Westerners Who Support and Justify the Iraqi Resistance:
Thanks to some search of my own, and posts from others, here are some: Recently reelected Member of Parliament George Galloway, author, former Cabinet Secretary, and recently reelected Member of Parliament Clare Short, filmmaker Michael Moore, cartoonist Ted Rall, British and Australian journalist and filmmaker John Pilger, Canadian author and journalist Naomi Klein, and the World Tribunal on Iraq, whose statement was signed by several apparently notable people (including the somewhat ambivalent Nobelist Arundhati Roy and Vagina Monologist Eve Ensler) and was endorsed by, among other things, several European academics and a Spanish judge. There are quite a few considerably smaller journalists that people pointed me to, as well as some Socialist and Green writers and activists (see links in the recent posts and comments on this thread).
These people deserve to be condemned, and I'm happy to do so. What fraction of public opinion do they represent in the West (whether Europe, America, Australia, or other relatively Western countries)?
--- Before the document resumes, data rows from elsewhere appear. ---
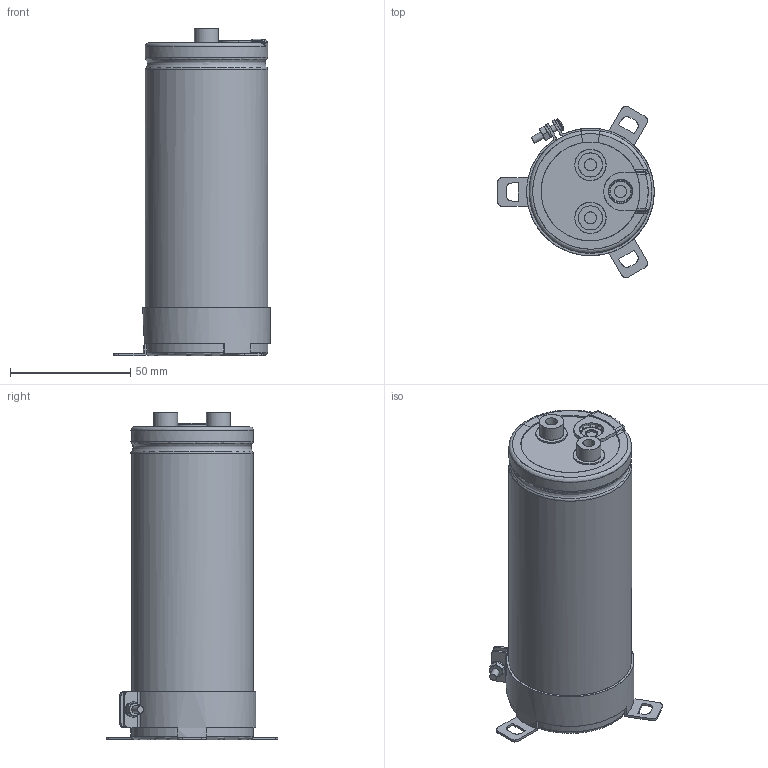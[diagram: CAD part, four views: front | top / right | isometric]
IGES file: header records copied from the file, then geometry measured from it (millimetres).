
Start section: JAMA-IS VERSION  1.0
Bounding box: 65 x 71.22 x 136 mm (x, y, z)
Surface area: 76719.4 mm2 (no closed solid volume)
Topology: 0 solids, 0 shells, 298 faces, 4625 edges, 4595 vertices
Faces by surface type: bspline 298
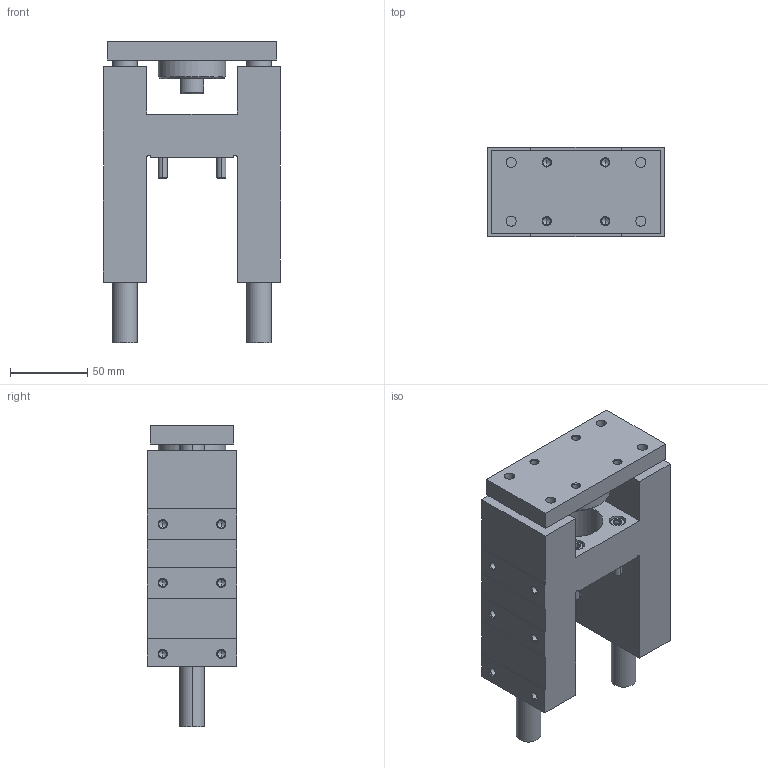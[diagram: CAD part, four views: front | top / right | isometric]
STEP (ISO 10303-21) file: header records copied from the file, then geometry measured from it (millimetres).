
FILE_DESCRIPTION (( 'STEP AP203' ), '1' );
FILE_NAME ('GB40-25.STEP', '2020-04-24T11:15:17', ( '' ), ( '' ), 'SwSTEP 2.0', 'SolidWorks 2019', '' );
FILE_SCHEMA (( 'CONFIG_CONTROL_DESIGN' ));
Length unit declared in the file: millimetre
Products named in the file (1): GB40-25
Bounding box: 115 x 58 x 195 mm (x, y, z)
Volume: 621663.1 mm3; surface area: 124986.2 mm2
Topology: 6 solids, 6 shells, 357 faces, 802 edges, 456 vertices
Faces by surface type: cone 142, plane 113, cylinder 102
Entity records: 10283 total; most frequent: CARTESIAN_POINT 2222, DIRECTION 1796, ORIENTED_EDGE 1532, EDGE_CURVE 766, AXIS2_PLACEMENT_3D 700, VERTEX_POINT 456, EDGE_LOOP 422, VECTOR 396
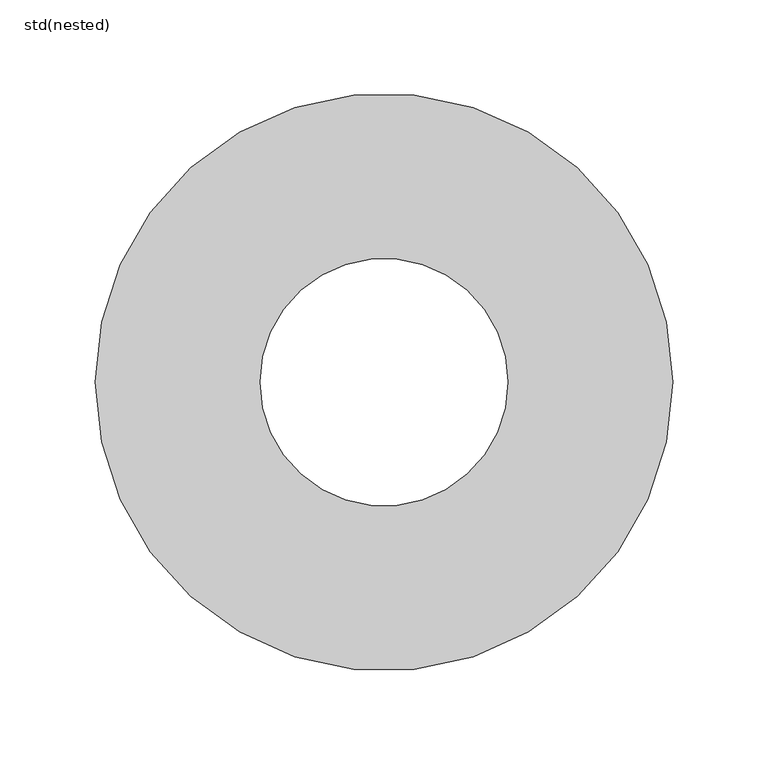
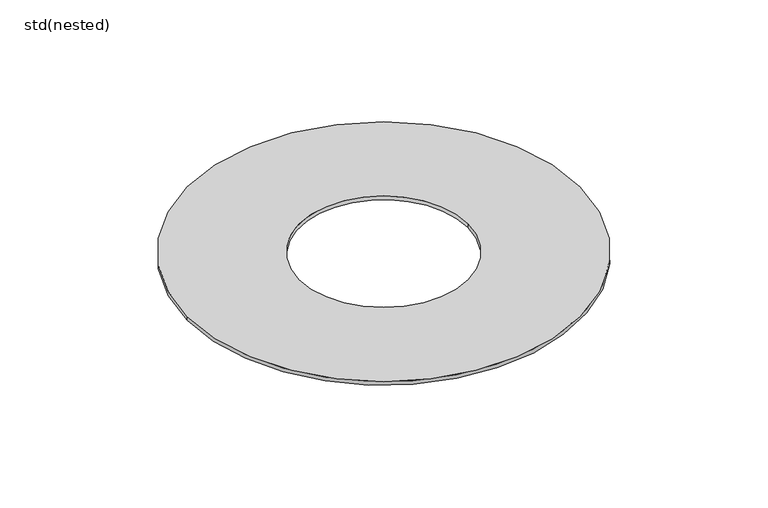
"""IFC4 building model written with IfcOpenShell, lengths in millimetres: sanitary terminal geometry, ZZZ_do_not_use_PF_UN_compressed seal flange_ACO : std(nested)."""

from ifc_helpers import new_model, si_unit, point, origin, origin_with_axes, origin_2d, place, context, project, spatial, circle_curve, trimmed, segment, composite_curve, outline, extrude, source, transform, mapped, element, save


def std_nested_4c5e4d0c(model_context):
    return source(origin(), model_context, "Body", "SweptSolid", [
        extrude(outline(composite_curve([segment(trimmed(circle_curve(origin_2d(), 151.5), [point((-151.5, 0.0))], [point((151.5, 0.0))], False, "CARTESIAN"), True, "CONTINUOUS"), segment(trimmed(circle_curve(origin_2d(), 151.5), [point((151.5, 0.0))], [point((-151.5, 0.0))], False, "CARTESIAN"), True, "CONTINUOUS")], self_intersect=False), holes=[composite_curve([segment(trimmed(circle_curve(origin_2d(), 65.0), [point((-65.0, 0.0))], [point((65.0, 0.0))], True, "CARTESIAN"), True, "CONTINUOUS"), segment(trimmed(circle_curve(origin_2d(), 65.0), [point((65.0, 0.0))], [point((-65.0, 0.0))], True, "CARTESIAN"), True, "CONTINUOUS")], self_intersect=False)]), origin_with_axes(), (0.0, 0.0, 1.0), 3.0),
    ])


if __name__ == "__main__":
    model = new_model("IFC4")
    model_context = context("Model", 3, world=origin())
    ifc_project = project(units=[si_unit("LENGTHUNIT", "METRE", prefix="MILLI")], contexts=[model_context])
    site = spatial("IfcSite", under=ifc_project)
    building = spatial("IfcBuilding", under=site)
    placement = place(None, origin())
    std_nested_shape = std_nested_4c5e4d0c(model_context)
    element("IfcSanitaryTerminal", 1, ObjectType="ZZZ_do_not_use_PF_UN_compressed seal flange_ACO : std(nested)", at=placement, inside=building, context=model_context, shape_type="MappedRepresentation", body=[
        mapped(std_nested_shape, transform((0.0, 0.0, 0.0), x_axis=(1.0, 0.0, 0.0), y_axis=(0.0, 1.0, 0.0), z_axis=(0.0, 0.0, 1.0))),
    ])
    save(model, "model.ifc")
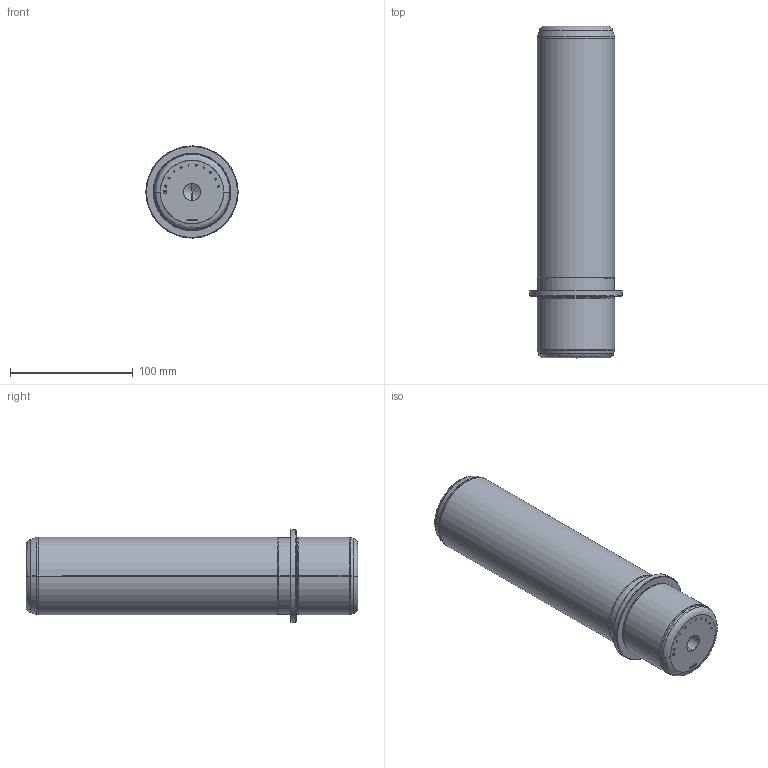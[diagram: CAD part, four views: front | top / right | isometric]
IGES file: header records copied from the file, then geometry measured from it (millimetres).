
Start section: SolidWorks IGES file using analytic representation for surfaces
Global section: file name: D:\Cleonir_arquivos\MT_15_07\Pinos Desmontáveis\PFG63220.igs; native system: SolidWorks 2013; preprocessor: SolidWorks 2013; author: Cleonir; date: 130730.162707; units: millimetre
Bounding box: 75 x 270 x 75 mm (x, y, z)
Surface area: 65047.5 mm2 (no closed solid volume)
Topology: 0 solids, 0 shells, 322 faces, 3848 edges, 3844 vertices
Faces by surface type: bspline 281, revolution 41

I can't say, but when politicians such as Galloway and Short make statements, and get reelected after making them (despite how incendiary the statements are), that's good reason to think that at least some voters — quite likely not even a majority in their district, but a substantial number — endorse their views. Likewise, while I'm hesitant to infer much from comments by random posters on various Internet fora, the presence of those comments, coupled with the views expressed by more prominent people, suggests that there is a considerable number of people who take this position.
In the past, I've criticized Klansmen, neo-Nazis, and anti-abortion terrorists. Are there vast numbers of such people, or even of their sympathizers? I should hope not. Do American political leaders endorse these people? I don't think so. Should they still be condemned? You bet. Likewise with those who support and defend the Iraqi insurgents.
I've now spent far more time on this subject than I should have, given the press of real business. I hope to give it a rest. But it struck me as important to defend the legitimacy of the condemnations I was voicing, and to respond to the denials that there are indeed considerable numbers of people out there who merit such condemnation.